María colocó la taza de café hirviendo en la mesa.

Carlos asintió.

—Tu madre se ha quedado sin trabajo y durante los próximos dos meses ella se quedará en casa contigo y con Carmen. Carmen y tú se quedarán en casa también. No hay escuela.

—Sí, sí, sí…sí hay escuela —se apremió Carlos— po, po, po…podemos asistir a las clases virtuales. 

María y Roberto cruzaron miradas. Una opresión en el pecho agudizó la voz del padre.

—Sabes que yo estoy sin empleo desde hace tiempo…

—Pe, pe, pe…pe…ro todos los días vas a trabajar —interrumpió Carlos.

—La verdad es que todos los días salgo a vender chucherías en la calle.
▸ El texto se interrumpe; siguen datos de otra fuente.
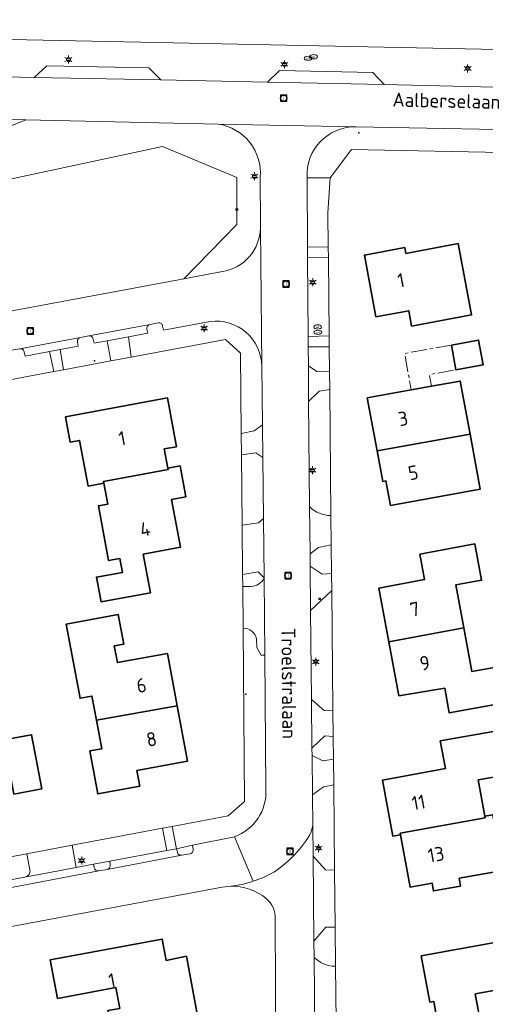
# Model space of a CAD drawing. Header units: metres. Extents: x 140853 to 145288, y 474558 to 480269.
# Tile 216 of 256: x 144035 to 144095, y 478015 to 478140. Entities that reach past the tile are written whole.
import ezdxf
from ezdxf.enums import TextEntityAlignment as Align
from ezdxf.lldxf.tags import DXFTag

# ---------------------------------------------------------------- set-up
doc = ezdxf.new("R2010")
doc.units = ezdxf.units.M
doc.header["$MEASUREMENT"] = 0
doc.linetypes.add('AM-AS', pattern=[16, 10, -2, 2, -2])
for name, color, linetype, lineweight in [('B-WE-AM-AS_SPOOR_RAIL-G', 10, 'AM-AS', 18), ('B-WE-GR-BEPLANTING_CULTUUR_BOSPLANTSOEN-G', 90, 'GR-PLANTSOEN', 18), ('B-WE-GR-BEPLANTING_CULTUUR_HEESTERS-G', 90, 'Continuous', 18), ('B-WE-GR-GRAS_KRUIDENRIJK-G', 80, 'Continuous', 18), ('B-WE-GR-GROENVOORZIENING-G', 80, 'Continuous', 18), ('B-WE-KL-DATA_CAI-S', 90, 'KL-CAI-N', 18), ('B-WE-KL-ET_LS_OV_LICHTMAST-S', 190, 'Continuous', 18), ('B-WE-KL-WATER_BRANDLEIDING_PUT-S', 150, 'Continuous', 18), ('B-WE-KL-WATER_PUT-S', 170, 'Continuous', 18), ('B-WE-OG-BEBOUWING-G', 7, 'Continuous', 35), ('B-WE-OG-BEBOUWING_HUISNUMMER-T18', 10, 'Continuous', 18), ('B-WE-OG-BEBOUWING_STRAATNAAM-T18', 10, 'Continuous', 18), ('B-WE-OG-TERREIN_ERF-G', 7, 'Continuous', 18), ('B-WE-RI-GWA_RIOOLPUT-S', 30, 'Continuous', 18), ('B-WE-VH-VERHARDING_ASFALT-G', 252, 'Continuous', 18), ('B-WE-VH-VERHARDING_STRAATBAKSTEEN-G', 252, 'Continuous', 18), ('B-WE-VH-VERHARDING_TEGEL-G', 252, 'Continuous', 18), ('X-XX-XX-ALGEMEEN-S', 7, 'Continuous', 18)]:
    doc.layers.add(name, color=color, linetype=linetype, lineweight=lineweight)
doc.styles.add('NLCS-ISO', font='txt')
doc.styles.get("Standard").update_dxf_attribs({"font": 'arial.ttf'})
doc.linetypes.add('GR-PLANTSOEN', pattern='A,0,[179,NLCS.shx,S=2,R=0,X=0,Y=0],-4', length=4)
tags = doc.linetypes.add('KL-CAI-N', pattern='A,4,-1,[101,NLCS.shx,S=0.5,R=0,X=0,Y=0],-1,4,-1,["C",Standard,S=1,R=0,X=-0.25,Y=-0.5],-1.5', length=12.5).pattern_tags.tags
tags[18] = DXFTag(74, 10)

# ---------------------------------------------------------------- blocks, each defined once
blk = doc.blocks.new('SIE-WEG_AFVALBAK_TYPE_01')
for radius in [0.25, 0.156]:
    blk.add_circle((0, 0), radius)
blk = doc.blocks.new('SKL-DATA_TERREINKAST-SO')
for q in [(-0.2, 0.2), (0.2, 0.2)]:
    blk.add_line((0, -0.21), q)
at = {"flags": 128}
blk.add_lwpolyline([(0.63, 0.35), (-0.63, 0.35), (-0.63, -0.35), (0.63, -0.35)], close=True, dxfattribs=at)
at = {"style": 'NLCS-ISO'}
blk.add_attdef('TYPE', text='', height=0.35, dxfattribs=at).set_placement((-0.03, 0.69), align=Align.MIDDLE_CENTER)
blk = doc.blocks.new('B-SIE-WEG_LICHTMAST-SO')
at = {"ltscale": 0.1}
for p, q in [((-1.1, 0.63), (-2.19, 1.27)), ((0, 1.27), (0, 2.53)), ((1.1, 0.63), (2.19, 1.27)), ((-1.1, -0.63), (-2.19, -1.27)), ((0, -1.27), (0, -2.53)), ((1.1, -0.63), (2.19, -1.27))]:
    blk.add_line(p, q, dxfattribs=at)
at = {"flags": 128}
for points in [[(-1.16, 0.5), (1.16, 0.5)], [(-1.16, -0.5), (1.16, -0.5)]]:
    blk.add_lwpolyline(points, dxfattribs=at)
at = {"ltscale": 0.1}
blk.add_circle((0, 0), 1.27, dxfattribs=at)
at = {"style": 'NLCS-ISO'}
blk.add_attdef('TYPE', text='', height=1.8, dxfattribs=at).set_placement((0, 2.53), align=Align.BOTTOM_CENTER)
blk = doc.blocks.new('SRI-PUT_INSPECTIE-SO')
at = {"lineweight": -3, "flags": 128}
blk.add_lwpolyline([(-2, -2), (2, -2), (2, 2), (-2, 2)], close=True, dxfattribs=at)
at = {"lineweight": -3, "ltscale": 1.5}
blk.add_circle((0, 0), 2, dxfattribs=at)
at = {"ltscale": 0.1, "style": 'NLCS-ISO'}
blk.add_text('I', height=2.5, dxfattribs=at).set_placement((0, -0.01), align=Align.MIDDLE_CENTER)
blk = doc.blocks.new('SKL-WATERLEIDINGPUT-SO')
at = {"color": 0, "linetype": 'ByBlock', "lineweight": 18}
blk.add_ellipse((0, 0), major_axis=(2.5, 0), ratio=0.54, dxfattribs=at)
at = {"color": 0, "linetype": 'ByBlock', "lineweight": 18, "style": 'NLCS-ISO'}
blk.add_text('wl', height=1.8, dxfattribs=at).set_placement((0, 0), align=Align.MIDDLE_CENTER)
blk = doc.blocks.new('SIE-WEG_STRAATPOT_BRANDKRAAN-SO')
blk.add_ellipse((0, 0), major_axis=(-0.729, 0), ratio=0.685994)
at = {"style": 'NLCS-ISO'}
blk.add_text('BR', height=0.4, dxfattribs=at).set_placement((-0.3, -0.15))

msp = doc.modelspace()

# ---------------------------------------------------------------- linework, layer by layer
at = {"layer": 'B-WE-AM-AS_SPOOR_RAIL-G', "ltscale": 0.2, "flags": 128}
msp.add_lwpolyline([(144090.887, 478095.855), (144090.314, 478099.013), (144084.371, 478097.935), (144085.213, 478093.291), (144087.791, 478093.759), (144087.522, 478095.244), (144090.887, 478095.855)], close=True, dxfattribs=at)
at = {"layer": 'B-WE-GR-BEPLANTING_CULTUUR_BOSPLANTSOEN-G', "ltscale": 0.2, "flags": 128}
msp.add_lwpolyline([(144036.183, 478127.677), (144016.4, 478128.099), (144017.773, 478125.515), (144019.197, 478123.426), (144021.57, 478123.047), (144024.132, 478121.243), (144026.41, 478120.484), (144029.827, 478121.813), (144031.441, 478123.996), (144032.675, 478126.274), (144036.183, 478127.677)], close=True, dxfattribs=at)
msp.add_lwpolyline([(144027.994, 478118.811), (144000, 478117.49), (144000, 478113.766), (143998.88, 478114.079), (143993.341, 478115.291), (143979.349, 478115.906), (143976.233, 478115.993), (143973.031, 478115.301), (143943.343, 478102.837), (143940.573, 478102.404), (143939.881, 478103.875), (143940.487, 478105.693), (143946.113, 478110.886), (143947.403, 478112.823), (143944.837, 478120.17), (143936.633, 478121.11), (143929.48, 478117.136), (143929.833, 478108.233), (143931.052, 478108.03), (143932.35, 478106.905), (143933.129, 478105.174), (143933.995, 478103.01), (143934.601, 478099.894), (143934.947, 478094.268), (143935.207, 478092.97), (143936.159, 478092.277), (143938.755, 478090.892), (143941.698, 478090.113), (143945.488, 478089.167), (143962.181, 478090.521), (143962.181, 478090.521, 0.0141669), (143973.484, 478092.079), (143973.484, 478092.079), (144000, 478096.989), (144034.644, 478103.404), (144056.264, 478107.443), (144063.028, 478114.34), (144063.01, 478120.362), (144053.58, 478124.306), (144027.994, 478118.811)], format="xyb", close=True, dxfattribs=at)
at = {"layer": 'B-WE-GR-BEPLANTING_CULTUUR_HEESTERS-G', "ltscale": 0.2, "flags": 128}
msp.add_lwpolyline([(144075.576, 478019.912), (144075.526, 478024.892), (144074.35, 478024.893), (144072.825, 478023.132), (144072.846, 478021.057), (144072.846, 478021.057, 0.1882317), (144075.453, 478019.922), (144075.453, 478019.922), (144075.576, 478019.912)], format="xyb", close=True, dxfattribs=at)
at = {"layer": 'B-WE-GR-GRAS_KRUIDENRIJK-G', "ltscale": 0.2, "flags": 128}
msp.add_lwpolyline([(144027.994, 478118.811), (144053.58, 478124.306), (144063.01, 478120.362), (144063.028, 478114.34), (144056.264, 478107.443), (144061.179, 478108.361), (144061.179, 478108.361, 0.3598095), (144066.033, 478113.904), (144066.033, 478113.904), (144066.028, 478114.349), (144066.01, 478120.371), (144066.01, 478120.371, 0.3920787), (144060.642, 478127.156), (144060.642, 478127.156), (144036.183, 478127.677), (144032.675, 478126.274)], format="xyb", dxfattribs=at)
for points in [[(144072.016, 478111.521), (144074.655, 478111.482), (144074.611, 478115.865), (144074.897, 478120.306), (144071.962, 478120.319), (144072.016, 478111.521)], [(144074.769, 478100.17), (144074.669, 478110.106), (144072.026, 478110.179), (144072.095, 478100.115), (144074.769, 478100.17)], [(144074.783, 478098.797), (144072.105, 478098.795), (144072.121, 478096.386), (144073.193, 478095.629), (144074.815, 478095.591), (144074.783, 478098.797)], [(144063.615, 478085.041), (144063.695, 478076.081), (144065.768, 478076.383), (144066.411, 478076.922), (144066.31, 478084.675), (144065.442, 478085.302), (144063.615, 478085.041)], [(144075.073, 478069.924), (144075.036, 478073.589), (144073.403, 478073.254), (144072.342, 478072.412), (144072.356, 478070.867), (144073.875, 478069.852), (144075.073, 478069.924)], [(144072.411, 478065.217), (144072.521, 478053.889), (144074.118, 478052.47), (144075.248, 478052.531), (144075.095, 478067.751), (144072.411, 478065.217)], [(144075.311, 478046.286), (144075.282, 478049.16), (144074.202, 478049.247), (144072.581, 478047.693), (144072.59, 478046.767), (144073.982, 478046.059), (144075.311, 478046.286)], [(144075.344, 478043.002), (144074.055, 478042.752), (144072.639, 478041.743), (144072.677, 478037.824), (144072.717, 478033.93), (144074.29, 478032.18), (144075.453, 478032.15), (144075.344, 478043.002)], [(144053.577, 478037.504), (144042.088, 478035.335), (144042.589, 478032.499), (144044.799, 478032.915), (144046.855, 478033.302), (144054.137, 478034.672), (144053.577, 478037.504)]]:
    msp.add_lwpolyline(points, close=True, dxfattribs=at)
for points in [[(144051.579, 478101.054), (144051.681, 478100.514), (144049.223, 478100.053), (144049.566, 478097.473), (144061.581, 478099.709), (144063.498, 478097.967), (144063.59, 478087.742), (144065.242, 478088.089), (144066.274, 478088.865), (144066.21, 478096.345), (144066.21, 478096.345, 0.4441957), (144059.635, 478102.008), (144059.635, 478102.008), (144053.675, 478100.889), (144053.574, 478101.429), (144053.574, 478101.429, 0.4452647), (144053.011, 478101.832), (144053.011, 478101.832), (144051.978, 478101.638), (144051.978, 478101.638, 0.4121484), (144051.579, 478101.054)], [(144042.743, 478099.395), (144042.845, 478098.855), (144040.565, 478098.427), (144040.962, 478095.872), (144047.015, 478096.999), (144046.53, 478099.547), (144044.86, 478099.233), (144044.758, 478099.774), (144044.758, 478099.774, 0.4134284), (144044.175, 478100.173), (144044.175, 478100.173), (144043.143, 478099.979), (144043.143, 478099.979, 0.4145804), (144042.743, 478099.395)], [(144039.732, 478095.643), (144039.199, 478098.171), (144036.113, 478097.591), (144035.983, 478098.167), (144035.983, 478098.167, 0.3978169), (144035.413, 478098.55), (144035.413, 478098.55), (144034.405, 478098.38), (144034.405, 478098.38, 0.3326718), (144034.014, 478097.8), (144034.014, 478097.8), (144034.115, 478097.247), (144030.111, 478096.513), (144029.513, 478095.439), (144029.745, 478093.874), (144029.758, 478093.787), (144031.643, 478094.138), (144039.732, 478095.643)], [(144074.999, 478077.319), (144074.838, 478093.35), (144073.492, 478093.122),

Ahora, ya no puedo salir. —Roberto reveló un aire de derrota en sus palabras—. Hace un mes que no tenemos internet. No te has dado cuenta porque no lo usas y casi todo el día estás en la escuela.

—Sí, sí, sí…sí porque allí tengo mu…mu…mu…cho trabajo con las pinturas y, y, y, y los lápices y, y, y tengo más jabón pa…pa…pa…ra lavar mis…mis…manos y, y, y…y….y puedo usar alcohol y tengo un…un…un…una alcoba para mí.

María, que parecía contener la respiración, se acercó a su hijo. Buscaba su mirada, sabía que cuando Carlos estaba nervioso, además de tartamudear más, la miraba por unos segundos, directo a sus ojos. Sin embargo, el muchacho, que había empezado a mover su cuerpo de adelante hacia atrás, seguía con la vista fija en sus piernas.

—Carlos, no tenemos internet porque tuvimos un problema y no pudimos pagar las dos últimas mensualidades —confirmó su madre.

—Por lo tanto, no puedes asistir a las clases virtuales —confesó su padre.

—Puedes dibujar y pintar cosas lindas, pero tendrás que hacerlo en tu pieza o en otro lugar de la casa. Tú me dices dónde y yo arreglo todo para ti —dijo casi suplicando María.

Roberto bebió el último sorbo de café y le pasó la taza vacía a María. Ella se levantó y la colocó en el fregadero. Miró a Roberto y con el mentón le animó a que continuara.

—No vamos a morir de hambre. No te preocupes por eso. Pero tenemos que economizar en algunas cosas como…el jabón, el papel higiénico, los desinfectantes, guantes y toallas húmedas.

El rostro de Carlos no reflejaba ni asombro, ni miedo, ni nada.

—¿Entiendes lo que sucede? —consultó con timidez María.

Carlos empezó a respirar con fuerza y muy rápido.

Roberto creyó que le estaba dando otro ataque, se levantó de su sitio y corrió al lado de Carlos. María abrió el grifo casi de forma instintiva y dejó que el agua corriera.

—Tienes que escucharme —ordenó Roberto con firmeza e hizo un ademán para tocarlo.

—¡No lo toques!, será peor —le alertó su mujer.

—Esta situación no es para siempre. Tenemos un virus allí afuera y debemos tomar medidas dentro de casa. Necesitamos el alcohol para desinfectar los zapatos, la ropa que usamos cuando salimos, los guantes para ir de compras. —Roberto hablaba sin parar—.  Hijo, el jabón tiene que durar más de un día. Nos ayudaría mucho si lavaras tus manos por menos tiempo y menos veces. El recibo del agua…bueno…es muy alto…

—¿Comprendes mi amor? —insistió su madre con los puños sobre el mandil.

—Fu…fu…e un regalo de mi pa…pa…padrino. 

Carlos había dejado de mover su cuerpo, observaba el chorro de agua y parecía más calmado.

—Lo sabemos, pero en esta situación…tu padre y yo pensamos que no te importaría compartir tus regalos con nosotros, ¿verdad, mi amor? —suplicó María. 

Roberto, parado al lado de su hijo calculaba los metros cúbicos que se iban por la cañería.

— Yo…yo…los necesito para limpiar mi dormitorio y lavar mis manos.

—Sí claro y los vas a usar.

—¿Puedo ir a mi pieza? —rogó el muchacho y sin esperar respuesta se levantó y salió de la cocina. Roberto se apuró a cerrar el grifo.

Carmen había escuchado toda la conversación desde el pasillo y a cierta distancia para que María no la viera. Carlos tampoco se dio cuenta de su presencia y pasó por su lado arrastrando los pies y sin detenerse.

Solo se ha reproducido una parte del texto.